Embora, enquanto vigentes os efeitos da decisão liminar, os contribuintes notificados encontrem-se em situação de regularidade fiscal e nenhuma medida coercitiva para o pagamento dos débitos possa ser adotada pelo Fisco, o estudo sobre a situação de legalidade da autuação mostra-se altamente relevante, vez que o Fisco catarinense, ao autuar consumidores de energia elétrica para pagamento do ICMS sobre a Tusd e Tust, extrapola os critérios de sujeição passiva legalmente previstos, incorrendo, assim, em vício de ilegalidade.

É de se lembrar, iniciando-se a exposição da matéria, que na seara tributária a sujeição passiva se configura em face da leitura conjunta dos artigos 119 e 121 do Código Tributário Nacional, estabelecendo-se entre a pessoa jurídica de Direito Público titular da competência para instituir e exigir o tributo e a pessoa que, por manter relação com o respectivo fato gerador do imposto, ocupa a posição de devedor da obrigação tributária.

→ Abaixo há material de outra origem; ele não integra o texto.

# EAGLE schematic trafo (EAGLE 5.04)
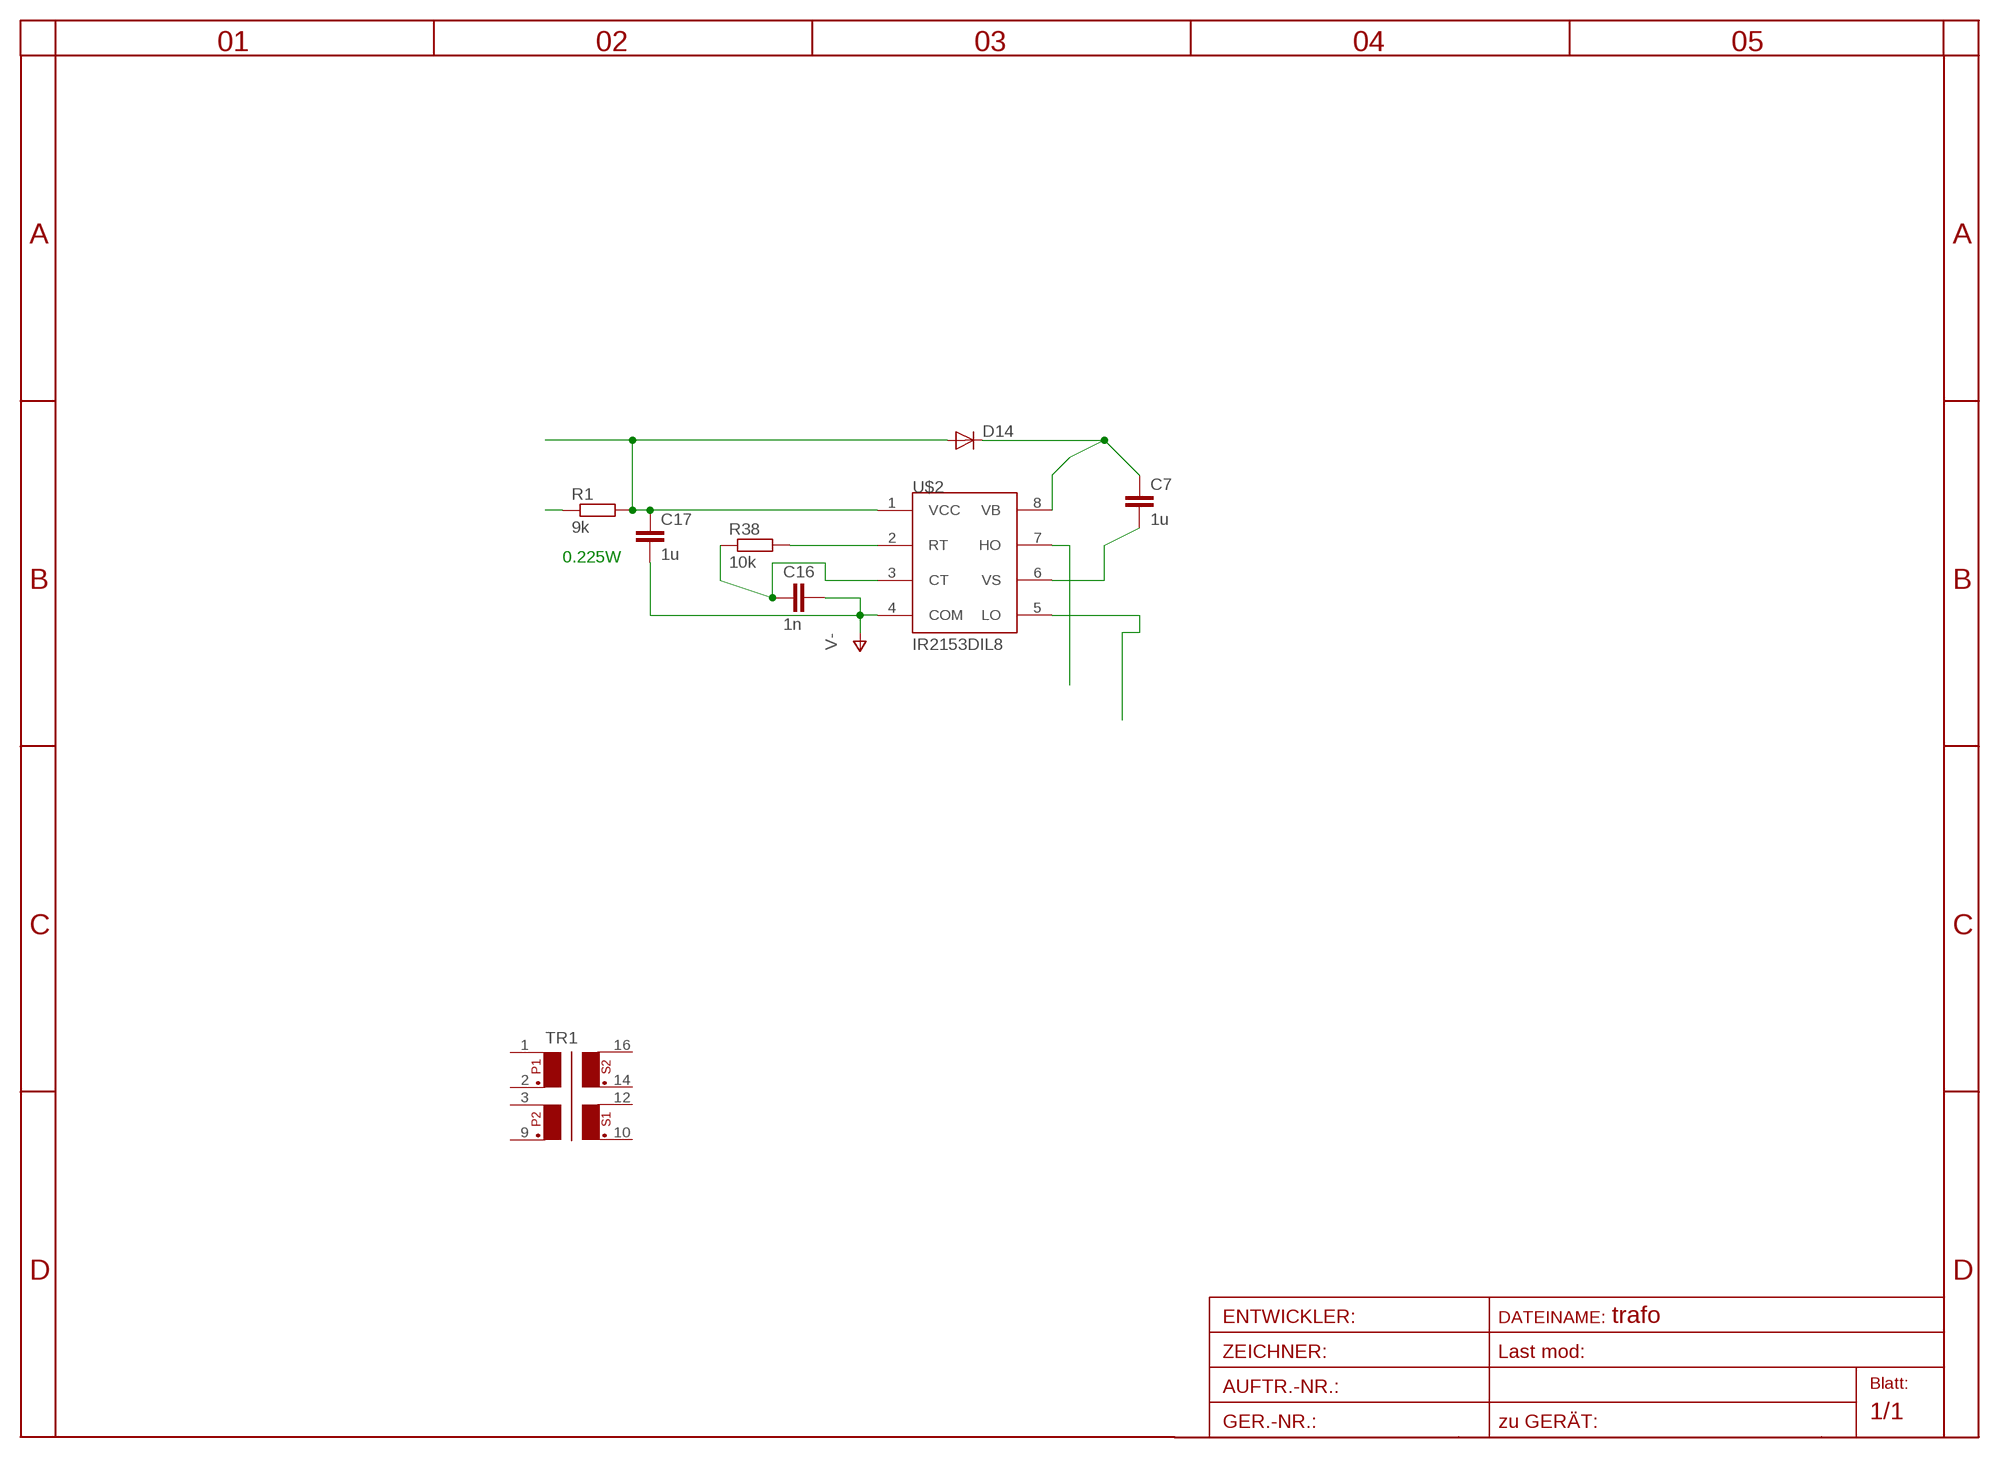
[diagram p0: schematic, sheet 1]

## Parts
C7  1u  C-EU050-025X075  [C050-025X075]
C16  1n  C-EU025-050X050  [C025-050X050]
C17  1u  C-EU050-030X075  [C050-030X075]
D14  DIODE-D-5  [D-5]
R1  9k  R-EU_0204/2V  [0204V]
R38  10k  R-EU_0204/2V  [0204V]
TR1  FL52EP16CONR  [EP16]
U$2  IR2153DIL8  [DIL08]

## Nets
CT: C16.1 R38.1 U$2.3(CT)
GATE: U$2.7(HO)
N$1: R1.1
N$6: C7.2 U$2.6(VS)
N$33: U$2.5(LO)
N$40: R38.2 U$2.2(RT)
V-: C16.2 C17.2 U$2.4(COM)
VB: C7.1 D14.C U$2.8(VB)
VCC: C17.1 D14.A R1.2 U$2.1(VCC)
Unconnected: TR1.1 TR1.2 TR1.3 TR1.9 TR1.10 TR1.12 TR1.14 TR1.16

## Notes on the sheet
- 0.225W

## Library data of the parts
C7 C16 C17 = rcl-2:C-EU: CAPACITOR, European symbol
D14 = diode-1:DIODE-: DIODE
R1 R38 = rcl-2:R-EU_: RESISTOR, European symbol
TR1 = trafo:FL52: TRANSFORMER 2 primary winding, 2 secondary windings, mounting holes BLOCK
U$2 = irf-2:IR2153
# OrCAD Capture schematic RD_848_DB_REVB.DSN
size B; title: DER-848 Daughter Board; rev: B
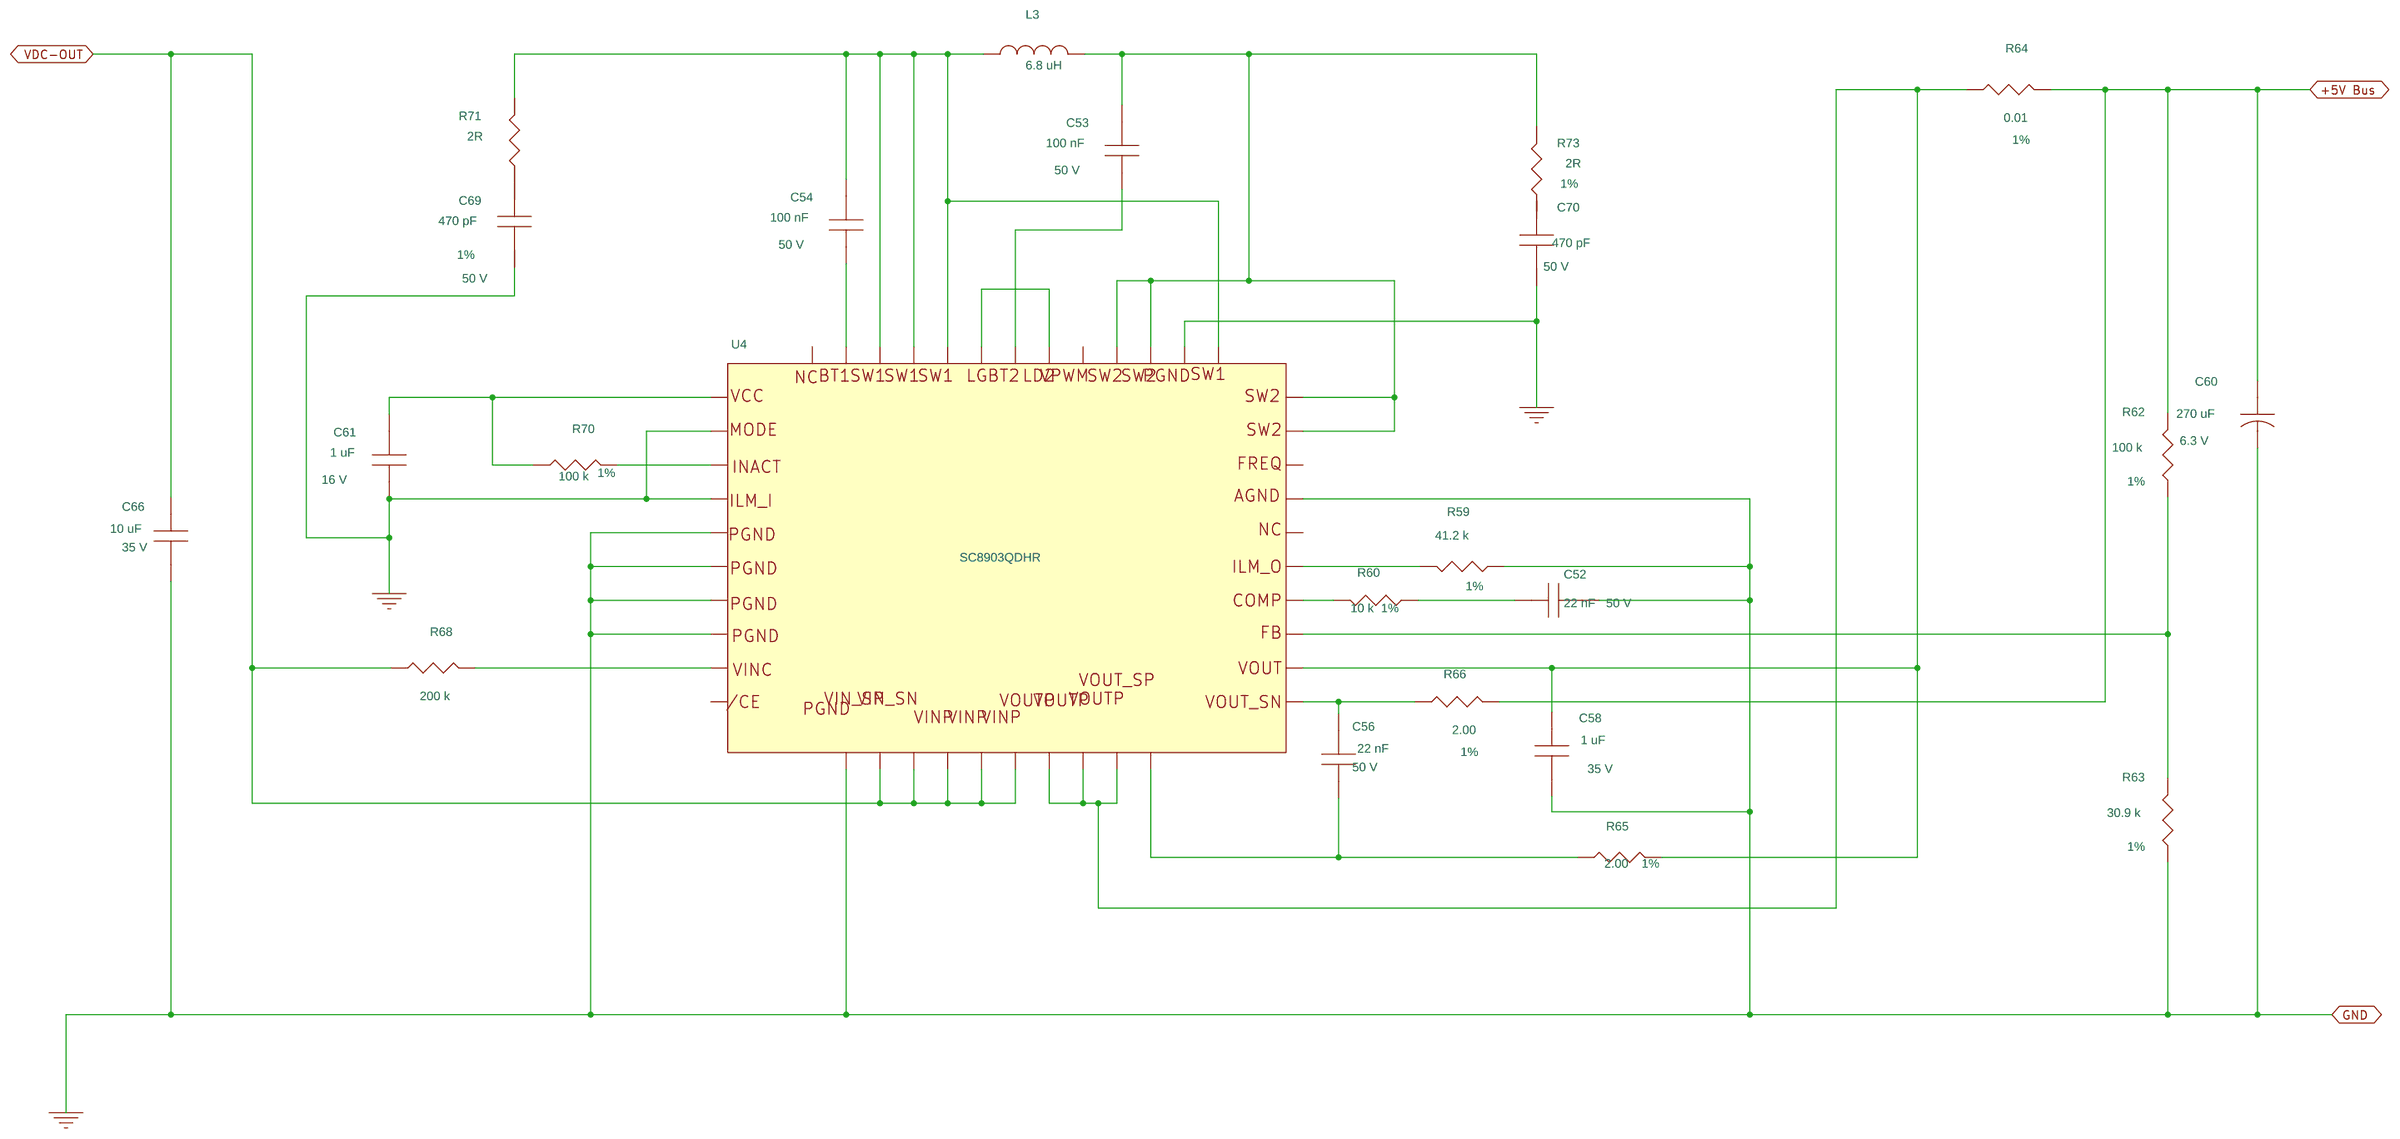
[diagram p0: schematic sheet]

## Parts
C52  22 nF  [pismc0603]
C53  100 nF  [pismc0603]
C54  100 nF  [pismc0603]
C56  22 nF  [pismc0603]
C58  1 uF  [pismc0603]
C60  270 uF  [pipolcapclyd200ls80030]
C61  1 uF  [pismc0603]
C66  10 uF  [pismc1206]
C69  470 pF  [pismc0603]
C70  470 pF  [pismc0603]
L3  6.8 uH  [pismind104CDMCCDS]
R59  41.2 k  [pismr0603]
R60  10 k  [pismr0603]
R62  100 k  [pismr0603]
R63  30.9 k  [pismr0603]
R64  0.01  [pismr0805]
R65  2.00  [pismr0603]
R66  2.00  [pismr0603]
R68  200 k  [pismr0402]
R70  100 k  [pismr0603]
R71  2R  [pismr0603]
R73  2R  [pismr0603]
U4  SC8903QDHR  [PI_SM_40QFN_3EP]

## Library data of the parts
C52 C56 = CAP_NP: Disp_Voltage: 50 V; Part Number: 20-01365-00; Room: Room3; Voltage: 50V
C53 C54 = CAP_NP: Disp_Voltage: 50 V; Part Number: 20-00936-00; Room: Room3; Voltage: 50 V
C58 = CAP_NP: ALT_SYMBOLS: pismc0603_1; Disp_Voltage: 35 V; FPLIST: pismc0603,pismc0603_1; Part Number: 20-09161-00; Voltage: 35 V
C60 = CAP_POL: Disp_Voltage: 6.3 V; Part Number: 20-01205-00; Voltage: 6.3V
C61 = CAP_NP: Disp_Voltage: 16 V; Part Number: 20-09157-00; Room: Room3; Voltage: 16 V
C66 = CAP_NP: ALT_SYMBOLS: pismc1206_1; Disp_Voltage: 35 V; FPLIST: pismc1206,pismc1206_1; Part Number: 20-09162-00; Voltage: 35 V
C69 C70 = CAP_NP: Disp_Voltage: 50 V; Part Number: 20-01359-00; Room: Room3; Voltage: 50 V
L3 = INDUCTOR: Part Number: 30-00502-00
R59 = R: Disp_Tol: 1%; Part Number: 05-03243-00
R60 R71 R73 = R: Disp_Tol: 1%; Part Number: 05-03182-00
R62 R70 = R: Disp_Tol: 1%; Part Number: 05-01174-00
R63 = R: Disp_Tol: 1%; Part Number: 05-03231-00
R64 = R: ALT_SYMBOLS: pismr0805_1; Disp_Tol: 1%; FPLIST: pismr0805,pismr0805_1; Part Number: 05-06341-00
R65 R66 = R: Disp_Tol: 1%; Part Number: 05-01277-00
R68 = R: Part Number: 05-06264-00
U4 = SC8903QDHR_1: Part Number: 45-00562-00

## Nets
+5V Bus: C60.1 R62.1 R64.1 R66.1
GND: C52.2 C58.2 C60.2 C61.1 C66.2 C69.2 C70.2 R59.2 R63.2 U4.4 U4.20 U4.23 U4.24 U4.25 U4.26 U4.27 U4.29 U4.42
VDC-OUT: C66.1 R68.2 U4.15 U4.16 U4.17 U4.18 U4.19
N12933668: C54.2 L3.2 R71.1 U4.33 U4.34 U4.35 U4.43
N12935088: R62.2 R63.1 U4.8
N12935357: C54.1 U4.32
N12935384: C53.2 L3.1 R73.1 U4.1 U4.2 U4.40 U4.41
N12935833: C56.1 R65.2 U4.11
N12936316: C58.1 R64.2 R65.1 U4.9 U4.12 U4.13 U4.14
N12938228: C61.2 R70.2 U4.30
N12938960: R59.1 U4.6
N12939085: R60.1 U4.7
N12943061: R68.1 U4.22
N12947202: C53.1 U4.37
N12951187: R70.1 U4.28
N12952491: U4.36 U4.38
N12999713: C70.1 R73.2
N13000797: C52.1 R60.2
N13002188: C56.2 R66.2 U4.10
N13009253: C69.1 R71.2

Not connected (* = marked no-connect by the designer): U4 3 5 21 31 39
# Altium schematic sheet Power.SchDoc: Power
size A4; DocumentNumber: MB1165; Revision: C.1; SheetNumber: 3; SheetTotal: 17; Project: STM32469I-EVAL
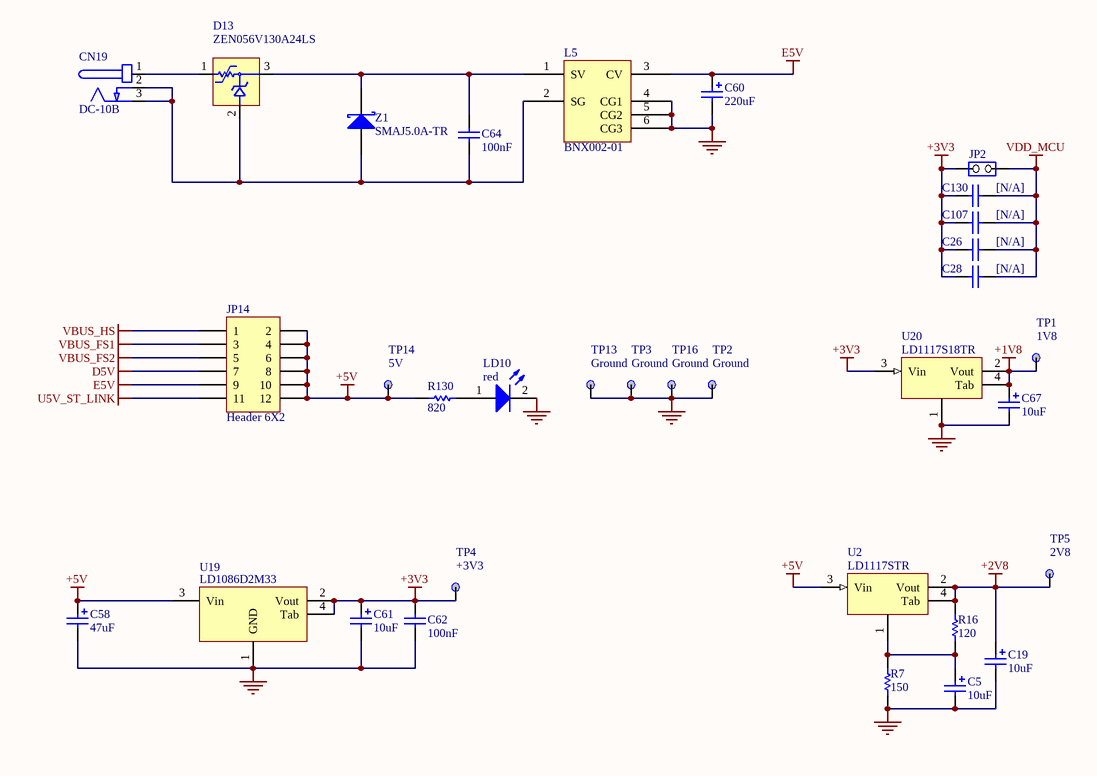
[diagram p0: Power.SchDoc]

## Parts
C5  10uF  [TAN-A]
C19  10uF  [TAN-A]
C26  [N/A]  [0603C]
C28  [N/A]  [0603C]
C58  47uF  [CAE_5R3X5R3_H5R4]
C60  220uF  [c310m-6]
C61  10uF  [TAN-A]
C62  100nF  [0603C]
C64  100nF  [0603C]
C67  10uF  [TAN-A]
C107  [N/A]  [0603C]
C130  [N/A]  [0603C]
CN19  DC-10B  [PWR_JACK_DC10]
D13  ZEN056V130A24LS  [TYCO_ZEN056V130A24LS]
JP2  (no value)  [SIP2]
JP14  Header 6X2  [HDR_2X6_2R54]
L5  BNX002-01  [BNX001]
LD10  red  [0603D]
R7  150  [0603R]
R16  120  [0603R]
R130  820  [0603R]
TP1  1V8  [TP]
TP2  Ground  [TP]
TP3  Ground  [TP]
TP4  +3V3  [TP]
TP5  2V8  [TP]
TP13  Ground  [TP]
TP14  5V  [TP]
TP16  Ground  [TP]
U2  LD1117STR  [SOT-223]
U19  LD1086D2M33  [TO263-3]
U20  LD1117S18TR  [SOT-223]
Z1  SMAJ5.0A-TR  [sma]

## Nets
+1V8: C67.1 TP1.1 U20.2(Vout) U20.4(Tab)
+2V8: C19.1 R16.1 TP5.1 U2.2(Vout) U2.4(Tab)
+3V3: C26.1 C28.1 C61.1 C62.1 C107.1 C130.1 JP2.1(COMMON) TP4.1 U19.2(Vout) U19.4(Tab) U20.3(Vin)
+5V: C58.1 JP14.2 JP14.4 JP14.6 JP14.8 JP14.10 JP14.12 R130.2 TP14.1 U2.3(Vin) U19.3(Vin)
D5V: JP14.7
E5V: C60.1 JP14.9 L5.3(CV)
GND: C5.2 C19.2 C58.2 C60.2 C61.2 C62.2 C67.2 L5.4(CG1) L5.5(CG2) L5.6(CG3) LD10.2(K) R7.2 TP2.1 TP3.1 TP13.1 TP16.1 U19.1(GND) U20.1
U5V_ST_LINK: JP14.11
VBUS_FS1: JP14.3
VBUS_FS2: JP14.5
VBUS_HS: JP14.1
VDD_MCU: C26.2 C28.2 C107.2 C130.2 JP2.2(NO)
NetC5_1: C5.1 R7.1 R16.2 U2.1
NetC64_1: C64.1 D13.3 L5.1(SV) Z1.2(K)
NetC64_2: C64.2 CN19.2(GND) CN19.3(GND) D13.2 L5.2(SG) Z1.1(A)
NetCN19_1: CN19.1(+) D13.1
NetLD10_1: LD10.1(A) R130.1

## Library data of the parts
C5 C19 C61 C67 = Cap Pol1: Polarized Capacitor (Radial)
C26 C28 C62 C107 C130 = Cap: Capacitor; Value: 10nF
C58 = Cap Pol1: Polarized Capacitor (Radial); Value: 10uF
C60 = Cap Pol1: Polarized Capacitor (Radial); Value: 47uF
C64 = CAP: Capacitor; Value: 100pF
CN19 = PJ202A
JP2 = JP2
JP14 = Header 6X2: Header, 6-Pin, Dual row
L5 = BNX002
LD10 = LED2: Typical RED, GREEN, YELLOW, AMBER GaAs LED
R7 R16 R130 = res1: Resistor; Value: 1K
TP1-TP5 TP13 TP14 TP16 = TP
U2 U20 = LD1117
U19 = VOLTREG1
Z1 = D Schottky: Schottky Diode; Code - JEDEC: DO-214-AA

Em tema de ICMS, à luz do que dispõe a Lei Complementar 87/1996, o contribuinte do imposto “[...] é qualquer pessoa, física ou jurídica, que realize, com habitualidade ou em volume que caracterize intuito comercial, operações de circulação de mercadoria ou prestações de serviços de transporte interestadual e intermunicipal e de comunicação [...] (artigo 4º)".

Nota-se, nesses termos, que a obrigação de pagar o tributo incumbe àquele que se encontre em situação legalmente prevista como necessária e suficiente para a formação do vínculo obrigacional tributário. Daí falar-se, então, que o sujeito passivo é o contribuinte ou responsável de direito da obrigação tributária.

Para os casos de operações internas envolvendo energia elétrica, a Lei catarinense 10.297/1996 elegeu como contribuinte do ICMS as empresas geradoras e distribuidoras de energia elétrica, ao estabelecer no inciso II do seu artigo 39 o seguinte:

Art. 39. Consideram-se também contribuintes substitutos:

[...]

II - as empresas geradoras ou distribuidoras de energia elétrica, nas operações internas e interestaduais, quanto ao pagamento do imposto, desde a produção ou importação até a última operação, sendo seu cálculo efetuado sobre o preço praticado na operação final.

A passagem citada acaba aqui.